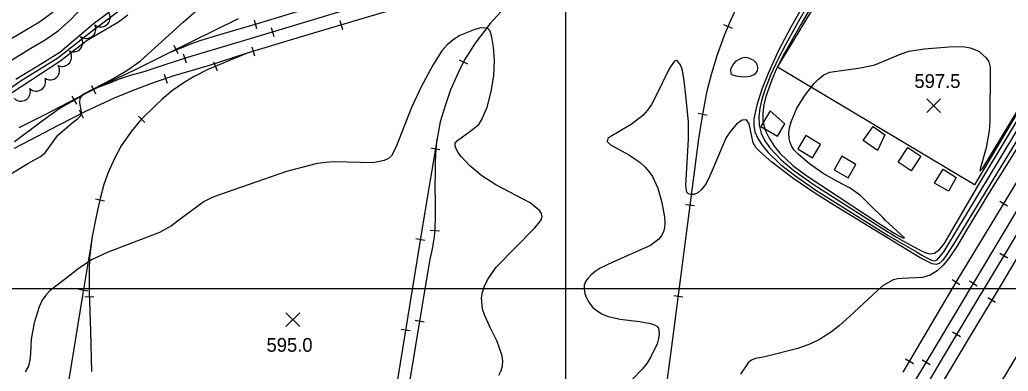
# Model space of a CAD drawing. Extents: x 79600 to 91800, y 75600 to 84400.
# Drawn here: x 87405 to 88483, y 76910 to 77293 of the extents above; entities that cross this region are included whole.
import ezdxf

# ---------------------------------------------------------------- set-up
doc = ezdxf.new("R2010")
doc.units = 0
for name, color, linetype in [('080-090$0$GRID', 7, 'Continuous'), ('080-090$0$INDEX', 7, 'Continuous'), ('080-090$0$INTER', 7, 'Continuous'), ('080-090$0$RR', 7, 'Continuous'), ('080-090$0$SPOTMARK', 7, 'Continuous'), ('080-090$0$SPOTS', 7, 'Continuous'), ('080-090$0$TRANSPWRLN', 7, 'Continuous'), ('080-090$0$TREES', 7, 'Continuous')]:
    doc.layers.add(name, color=color, linetype=linetype)

# ---------------------------------------------------------------- blocks, each defined once
blk = doc.blocks.new('080-090$0$SPOTS')
at = {"layer": '080-090$0$SPOTMARK'}
for p, q in [((-0.5, -0.5), (0.5, 0.5)), ((-0.5, 0.5), (0.5, -0.5))]:
    blk.add_line(p, q, dxfattribs=at)

msp = doc.modelspace()

# ---------------------------------------------------------------- linework, layer by layer
at = {"layer": '080-090$0$GRID'}
for p, q in [((88000, 80000), (88000, 76000)), ((90000, 77000), (85000, 77000))]:
    msp.add_line(p, q, dxfattribs=at)
at = {"layer": '080-090$0$INDEX'}
for points in [[(87400.6, 77228.2), (87432.1, 77247.5), (87448.6, 77257.8), (87484.8, 77288.6), (87543.1, 77332.2)], [(87360.5, 77227.7), (87416.7, 77262), (87432.3, 77271.2), (87446.6, 77281), (87460.1, 77292.8), (87478.5, 77312.5)], [(87336.8, 77238), (87410.2, 77281.4), (87426.3, 77290.9), (87441.1, 77301.6)], [(88540.2, 77228.9), (88464.5, 77108.8), (88436.8, 77062.7), (88427.5, 77047), (88417.8, 77032.5), (88412, 77025.6), (88405.4, 77019.5), (88397.9, 77014.9), (88389.4, 77012.2), (88367.3, 77011.1), (88362.5, 77011), (88357.5, 77009.7), (88345.6, 77002.7), (88309.9, 76970), (88298.9, 76960.1), (88290.1, 76953.3), (88276.9, 76944.8), (88267.2, 76940), (88253.6, 76934.9), (88218.9, 76926.2), (88212, 76924.9), (88206.9, 76923.9), (88203, 76922.4), (88199.3, 76919.2), (88190.8, 76907)]]:
    msp.add_lwpolyline(points, dxfattribs=at)
at = {"layer": '080-090$0$INTER'}
for points in [[(88272.1, 77331.2), (88245.6, 77284.3), (88232.4, 77259.4), (88221, 77234.7), (88214.3, 77217.3), (88208.8, 77199.9), (88206.8, 77192), (88205.5, 77184.8), (88205.3, 77178), (88206.6, 77171.1), (88209.8, 77163.8), (88214.6, 77156.3), (88220.6, 77149), (88234.6, 77135.5), (88249.9, 77123.6), (88273.2, 77107.6), (88352.1, 77058.1), (88383, 77040.1), (88389.5, 77036.4), (88395, 77033.3), (88399.4, 77031.2), (88402.7, 77030.5), (88405.4, 77031.5), (88412.7, 77040.2), (88565.3, 77293.1)], [(88277, 77331.5), (88253.7, 77290.7), (88240.2, 77266.6), (88231.8, 77250.5), (88224, 77233.6), (88217.1, 77215.6), (88214.2, 77206.3), (88212, 77196.9), (88210.8, 77187.5), (88211.2, 77178.4), (88213.6, 77169.6), (88217.6, 77161.3), (88222.8, 77153.6), (88235.1, 77140.4), (88248.9, 77128.9), (88271.4, 77113.2), (88344.6, 77066.3), (88361.1, 77056.1), (88369.4, 77051.4), (88377.4, 77047), (88384.8, 77043.1), (88391.3, 77039.8), (88397, 77038), (88402.5, 77038.8), (88407.8, 77042.7), (88413.1, 77049.1), (88449.7, 77111.7), (88559, 77293.1)], [(88284.2, 77335.8), (88256.7, 77287.9), (88237.6, 77254.1), (88228.8, 77236.5), (88224.9, 77227.6), (88218.7, 77209.6), (88216.4, 77200.5), (88215.1, 77191.3), (88215.4, 77182.1), (88217.9, 77172.9), (88222.1, 77163.9), (88227.5, 77155.5), (88233.7, 77147.7), (88247.8, 77134.3), (88263.1, 77123), (88343.3, 77070.3), (88358.4, 77060.7), (88364.2, 77057.4), (88368.1, 77055.6), (88369.6, 77055.4), (88348.7, 77074.9), (88346.4, 77077.2), (88331.3, 77092.2), (88321.9, 77101.8), (88310.5, 77109.7), (88295.9, 77117.2), (88280.9, 77125.6), (88266.1, 77136), (88253.7, 77146.6), (88249.6, 77151), (88246.8, 77155.1), (88245, 77159.2), (88243.8, 77163.8), (88243.5, 77169.1), (88244.2, 77175.2), (88246.1, 77182), (88252.5, 77196.7), (88261.2, 77210.5), (88270.8, 77223.1), (88275.9, 77228.5), (88281.7, 77232.9), (88288.4, 77235.8), (88321.9, 77240.8), (88337.6, 77243.9), (88366.3, 77256), (88374.5, 77258.8), (88391.5, 77261.3), (88422.5, 77264.1), (88435.6, 77263.7), (88441.4, 77262.5), (88446.5, 77260.8), (88451.1, 77258.4), (88458.8, 77251.7), (88461.6, 77247.2), (88463.1, 77241.5), (88462.7, 77181.8), (88462.2, 77172.2), (88458.9, 77153.6), (88452.5, 77131.8), (88451.8, 77128.1), (88455.3, 77131.3), (88545.7, 77280.9)], [(87328, 77172.3), (87406.4, 77226.9), (87446.4, 77251.6), (87483.8, 77281), (87542.4, 77325.4)], [(88586.3, 77315.7), (88425, 77051.5), (88420, 77043.5), (88415.2, 77036.4), (88411.1, 77030.9), (88407.7, 77027.6), (88404.4, 77026.4), (88400.1, 77027.2), (88387, 77033.8), (88296.4, 77089), (88271.8, 77104.3), (88248.1, 77120.4), (88225.2, 77137.9), (88212.2, 77149.1), (88207.7, 77154), (88204.7, 77159), (88200.2, 77179.8), (88197.6, 77184.1), (88192.8, 77183.6), (88186.7, 77179.3), (88180.6, 77172.6), (88175.2, 77164.7), (88160, 77128.7), (88156.5, 77120.6), (88152.6, 77113.7), (88148.5, 77108.3), (88144.3, 77104.7), (88140.4, 77102.9), (88136.9, 77102.7), (88134.3, 77103.6), (88132.5, 77105.2), (88131.2, 77112.6), (88134.3, 77162.9), (88134, 77181.8), (88131.3, 77210.5), (88129.4, 77226.4), (88127.5, 77237.9), (88126, 77242.2), (88124.3, 77245.5), (88122.6, 77247.7), (88120.8, 77248.7), (88118.8, 77248.1), (88113.3, 77240.2), (88097.9, 77208.4), (88093.8, 77200.9), (88089.3, 77194.4), (88084.3, 77188.8), (88071.5, 77178.8), (88056.7, 77170.1), (88050.4, 77166.8), (88046.3, 77163.8), (88045.6, 77160.6), (88049.2, 77157), (88069.9, 77145.4), (88081.5, 77137.5), (88086.5, 77132.9), (88091, 77127.8), (88094.9, 77122.2), (88100.9, 77109.5), (88105.2, 77094), (88107.9, 77078.1), (88108.3, 77071.8), (88107.9, 77066.6), (88106.8, 77062.1), (88104.8, 77057.9), (88101.9, 77054.1), (88092.9, 77047), (88051.6, 77029), (88037.9, 77022.3), (88032.4, 77018.8), (88027.9, 77015.1), (88024.4, 77011.4), (88021.9, 77007.8), (88020.5, 77003.9), (88020.2, 76999.5), (88021.2, 76994.5), (88023.3, 76989.3), (88026.2, 76984.2), (88030, 76979.7), (88034.4, 76975.9), (88039.6, 76972.7), (88045.6, 76970.1), (88059.3, 76966.8), (88081.1, 76964.4), (88092.8, 76962.2), (88097, 76960.8), (88099.8, 76959.2), (88101.4, 76957.2), (88102.3, 76950.6), (88101.6, 76945.8), (88099.9, 76939.9), (88093.2, 76925.9), (88088.7, 76918.8), (88083.8, 76912.4), (88072.5, 76901)], [(87380.3, 77116.5), (87413.7, 77136.6), (87427.3, 77144.2), (87432.4, 77148.1), (87446.1, 77167.5), (87463.2, 77181.8), (87467.9, 77185.3), (87470.9, 77188.5), (87472, 77192.3), (87470.1, 77202.4), (87470.8, 77207.6), (87474.7, 77212.2), (87505.5, 77228.5), (87521.4, 77237.7), (87536, 77247.9), (87583, 77290.5), (87597.1, 77302.6)], [(87395.8, 77213.6), (87448.3, 77248), (87478.4, 77270.8), (87512.4, 77290.7), (87522.8, 77298.5)], [(87927.2, 76905.9), (87929.9, 76911), (87931.4, 76916.2), (87931.6, 76921.8), (87930.6, 76928.2), (87925.5, 76942.7), (87917.9, 76958), (87911.5, 76971.6), (87909.5, 76977.7), (87908.4, 76990), (87909.4, 76996.4), (87911.5, 77002.9), (87914.9, 77009.7), (87924.4, 77023.4), (87966.3, 77066.2), (87970.5, 77071), (87973.3, 77075.1), (87974.5, 77078.7), (87973.9, 77082), (87971.5, 77085.4), (87961.6, 77093.5), (87923.9, 77113.1), (87908.7, 77122.9), (87895.8, 77133.9), (87886.3, 77144.2), (87883, 77148.6), (87880.7, 77152.4), (87879.5, 77155.6), (87879.8, 77158.5), (87882.1, 77161.6), (87897.2, 77172.4), (87905.3, 77179.1), (87908.5, 77183.7), (87914.6, 77198), (87919.1, 77214.9), (87921.7, 77231.8), (87922.5, 77248.5), (87921.6, 77263.3), (87919.8, 77274.2), (87918, 77280.5), (87915.1, 77283.9), (87907.7, 77284.3), (87901, 77282.6), (87884.9, 77275.9), (87877.5, 77271.2), (87871, 77265.6), (87865.2, 77259.1), (87855.2, 77243.7), (87842.6, 77220), (87832, 77197.5), (87814.9, 77153.8), (87810.1, 77145), (87806.8, 77142), (87802.4, 77139.7), (87790.2, 77137.1), (87761.8, 77137.8), (87745.5, 77138.4), (87729, 77136.4), (87695.8, 77127.9), (87621.6, 77102), (87613.8, 77099), (87606, 77095.2), (87576.8, 77073.6), (87570.1, 77068.5), (87557, 77061.2), (87500.1, 77039.4), (87483.1, 77031.4), (87468, 77021.4), (87454.5, 77011), (87442.5, 77001.8), (87437.5, 76997.7), (87433.1, 76993.2), (87429.2, 76987.6), (87425.8, 76980.4), (87420.3, 76962.9), (87417.3, 76945.3), (87416.3, 76929.6), (87415.7, 76922.5), (87414.1, 76915.9), (87410.8, 76909.5)]]:
    msp.add_lwpolyline(points, dxfattribs=at)
msp.add_lwpolyline([(88181.2, 77233.6), (88185.7, 77231.8), (88193.7, 77230.9), (88198.4, 77231.2), (88202.6, 77232.1), (88205.8, 77233.4), (88208, 77235.2), (88209.3, 77237.5), (88209.8, 77240.3), (88209.4, 77243.2), (88207.9, 77246.1), (88205.4, 77248.5), (88202.2, 77250.3), (88198.8, 77251.5), (88195.5, 77251.9), (88192.3, 77251.4), (88185.9, 77247.8), (88183.1, 77245), (88180, 77239.4), (88180.2, 77234.2)], close=True, dxfattribs=at)
at = {"layer": '080-090$0$RR'}
for p, q in [((88020, 77396.5), (87662.5, 77288.4)), ((87931.5, 77339.8), (87715.2, 77275.5)), ((87788.6, 77312.4), (87649.9, 77270.5)), ((87933.7, 77306.4), (87917.9, 77289)), ((88180.3, 77292.5), (88190.3, 77313.5)), ((87642.8, 77294), (87566.9, 77256.7)), ((87662.5, 77288.4), (87637.5, 77280.9)), ((87660.3, 77293), (87663.1, 77283.4)), ((87679, 77284.5), (87681.9, 77275)), ((87753.8, 77292.2), (87756.6, 77282.6)), ((87917.9, 77289), (87901.5, 77267.5)), ((88182.1, 77283.7), (88172.8, 77287.6)), ((88173.1, 77275.2), (88180.3, 77292.5)), ((87620.3, 77275.8), (87602.1, 77270.5)), ((87637.5, 77280.9), (87620.3, 77275.8)), ((87715.2, 77275.5), (87652.7, 77256.7)), ((88165.8, 77255.1), (88173.1, 77275.2)), ((87581.6, 77262.6), (87566.9, 77256.7)), ((87572.9, 77265.3), (87577.3, 77256.3)), ((87590.8, 77266.4), (87581.6, 77262.6)), ((87649.9, 77270.5), (87588.8, 77252.3)), ((87602.1, 77270.5), (87590.8, 77266.4)), ((87657.9, 77263.5), (87660.8, 77253.9)), ((87901.5, 77267.5), (87889.8, 77249.3)), ((87566.9, 77256.7), (87530, 77238.3)), ((87588.8, 77252.3), (87561.8, 77243.7)), ((87583.1, 77255.8), (87586.2, 77246.3)), ((87652.7, 77256.7), (87610.1, 77242.8)), ((87652.7, 77256.7), (87629, 77247)), ((88159.8, 77235), (88165.8, 77255.1)), ((87561.8, 77243.7), (87540, 77236.5)), ((87610.1, 77242.8), (87572.9, 77231.8)), ((87629, 77247), (87610, 77239)), ((87616.2, 77247.1), (87620.1, 77237.8)), ((87889.8, 77249.3), (87882.9, 77235.4)), ((87884.2, 77249.4), (87893.2, 77245)), ((87530, 77238.3), (87490, 77219.1)), ((87525.3, 77232.4), (87513.3, 77228.5)), ((87540, 77236.5), (87525.3, 77232.4)), ((87572.9, 77231.8), (87551.4, 77224.8)), ((87562.4, 77233.7), (87565.5, 77224.1)), ((87594.8, 77231.4), (87582.9, 77224)), ((87610, 77239), (87594.8, 77231.4)), ((87882.9, 77235.4), (87874.7, 77216.7)), ((88154.6, 77215.6), (88159.8, 77235)), ((87490, 77219.1), (87475.3, 77212)), ((87483.1, 77221.3), (87487.5, 77212.3)), ((87503.6, 77224.5), (87490, 77219.1)), ((87513.3, 77228.5), (87503.6, 77224.5)), ((87551.4, 77224.8), (87527.3, 77215.6)), ((87582.9, 77224), (87571.3, 77216)), ((87475.3, 77212), (87432.9, 77189.8)), ((87461.7, 77209.9), (87466.6, 77201.2)), ((87475.3, 77212), (87466.2, 77206.7)), ((87527.3, 77215.6), (87507.6, 77207.5)), ((87571.3, 77216), (87559.9, 77206.4)), ((87874.7, 77216.7), (87868.9, 77199.4)), ((88149.3, 77188.1), (88154.6, 77215.6)), ((87466.2, 77206.7), (87448.9, 77196.8)), ((87507.6, 77207.5), (87476.4, 77193)), ((87552.1, 77199.1), (87536.8, 77183.9)), ((87559.9, 77206.4), (87552.1, 77199.1)), ((87868.9, 77199.4), (87863.4, 77181.7)), ((87432.9, 77189.8), (87403.6, 77175.4)), ((87448.9, 77196.8), (87430.7, 77183.8)), ((87476.4, 77193), (87446.8, 77177.9)), ((87469.4, 77195), (87473.9, 77186.1)), ((87534.1, 77188.2), (87541.1, 77181.1)), ((88154.5, 77188.9), (88144.7, 77190.8)), ((88145.4, 77163.3), (88149.3, 77188.1)), ((87446.8, 77177.9), (87398.8, 77152.8)), ((87430.7, 77183.8), (87398.9, 77160.1)), ((87536.8, 77183.9), (87526.6, 77171.7)), ((87863.4, 77181.7), (87859.6, 77161.4)), ((87526.6, 77171.7), (87515.2, 77155.7)), ((87515.2, 77155.7), (87508.5, 77142.8)), ((87859.6, 77161.4), (87846.2, 77081.7)), ((87859.5, 77163.5), (87858.5, 77152.3)), ((88115.9, 76937.2), (88145.4, 77163.3)), ((87853.2, 77153.4), (87863.1, 77151.7)), ((87858.5, 77152.3), (87858, 77138.4)), ((88426.1, 77007.1), (88510.5, 77146.5)), ((87508.5, 77142.8), (87501.3, 77126.7)), ((87858, 77138.4), (87857.8, 77126.3)), ((87501.3, 77126.7), (87496.4, 77113.6)), ((87857.8, 77126.3), (87857.4, 77112.3)), ((87496.4, 77113.6), (87492.6, 77098.2)), ((87857.4, 77112.3), (87857.7, 77093)), ((87487.4, 77098.1), (87497.2, 77095.7)), ((87492.6, 77098.2), (87488.3, 77080.5)), ((87857.7, 77093), (87857.8, 77078.4)), ((88140.9, 77090.2), (88131, 77091.4)), ((88497, 77093.2), (88378.5, 76895.4)), ((88482.1, 77090), (88473.6, 77095.1)), ((87488.3, 77080.5), (87483.7, 77056.8)), ((87846.2, 77081.7), (87812.6, 76875.5)), ((88509.5, 77088.4), (88442, 76976.2)), ((87857.8, 77078.4), (87857.5, 77065.7)), ((87852.4, 77063.9), (87862.4, 77063.2)), ((87857.5, 77065.7), (87856.9, 77056.6)), ((87483.7, 77056.8), (87480.9, 77034.2)), ((87483.7, 77056.8), (87481.9, 77044.9)), ((87836.7, 77054.7), (87846.6, 77053.1)), ((87856.9, 77056.6), (87854.5, 77043.7)), ((88501.9, 77049.5), (88474.7, 77004.1)), ((87481.9, 77044.9), (87473.1, 76992.8)), ((87854.5, 77043.7), (87851.7, 77030.6)), ((88473.8, 77038.8), (88482.4, 77033.7)), ((87480.9, 77034.2), (87480.4, 77019.7)), ((87851.7, 77030.6), (87795.6, 76692.5)), ((87480.4, 77019.7), (87480.5, 76996.8)), ((88368.2, 76909.1), (88426.1, 77007.1)), ((88430.3, 77004.5), (88421.7, 77009.6)), ((88474.7, 77004.1), (88438, 76943.5)), ((88440.5, 77008.5), (88449, 77003.3)), ((87473.1, 76992.8), (87442.2, 76801.2)), ((87469.2, 76999.5), (87479, 76997.8)), ((87480.5, 76996.8), (87482, 76954.1)), ((88534.4, 76997.3), (88472.7, 76894.7)), ((87475.7, 76991.2), (87485.7, 76991.5)), ((88128, 76991), (88118.1, 76992.3)), ((88460.6, 76990.4), (88469.2, 76985.3)), ((88442, 76976.2), (88408.7, 76920.5)), ((87835.9, 76965.8), (87845.8, 76964.2)), ((87482, 76954.1), (87483.1, 76910)), ((87820.6, 76956), (87830.5, 76954.4)), ((88422.3, 76953.1), (88430.9, 76948)), ((88438, 76943.5), (88412, 76899.5)), ((88087.8, 76724.7), (88115.9, 76937.2)), ((88379.5, 76918.4), (88370.9, 76923.5)), ((88408.7, 76920.5), (88383.1, 76877)), ((88389.1, 76922.7), (88397.6, 76917.6))]:
    msp.add_line(p, q, dxfattribs=at)
at = {"layer": '080-090$0$TRANSPWRLN'}
for points in [[(88231.4, 77241.5), (88352.7, 77441.3), (88365.8, 77455.4), (88391.8, 77468.1), (88467.8, 77464.1), (88606.9, 77383.3), (88446, 77113.1)], [(88223.2, 77193.7), (88223.2, 77193.8), (88213.2, 77176.9), (88231.2, 77166.3), (88239.1, 77179.7)], [(88340.5, 77150.5), (88324.8, 77161.6), (88335.7, 77176.8), (88348.4, 77167.8)], [(88262.3, 77167.1), (88253.3, 77152.3), (88269.3, 77142.5), (88278.3, 77157.3)], [(88301.5, 77144.3), (88293.1, 77129.6), (88308.2, 77120.8), (88316.7, 77135.5)], [(88377, 77128.5), (88362.8, 77138.1), (88373.4, 77153.9), (88387.6, 77144.4)], [(88426.2, 77121.1), (88417.6, 77106.4), (88402.5, 77115.1), (88411.9, 77130.2)]]:
    msp.add_lwpolyline(points, close=True, dxfattribs=at)
at = {"layer": '080-090$0$TREES'}
for centre, radius, start, end in [((87493.1, 77295.4), 10.2, 231.2935, 25.9327), ((87477.5, 77282.9), 10.2, 231.2935, 25.9327), ((87463.2, 77268.4), 10.3, 244.8714, 39.5107), ((87451, 77252.5), 10.3, 245.6501, 40.2894), ((87438, 77237.8), 10.2, 236.5046, 31.1439), ((87422.8, 77225.5), 10.2, 226.8028, 21.442), ((87406.1, 77214.7), 10.3, 224.3058, 18.9451)]:
    msp.add_arc(centre, radius, start, end, dxfattribs=at)

# ---------------------------------------------------------------- block references
at = {"layer": '080-090$0$SPOTMARK', "xscale": 15, "yscale": 15}
for p in [(88401.6, 77199.5), (87702.6, 76966.5)]:
    msp.add_blockref('080-090$0$SPOTS', p, dxfattribs=at)

# ---------------------------------------------------------------- texts
at = {"layer": '080-090$0$SPOTS'}
for s, p in [('597.5', (88380.6, 77218.8)), ('595.0', (87673.9, 76931.4))]:
    msp.add_text(s, height=15, dxfattribs=at).set_placement(p)

doc.saveas('drawing.dxf')

Problem –
Each line that contains the word "blocks" adds to the total; give the total for the material and nothing else.

Exercise solution –
2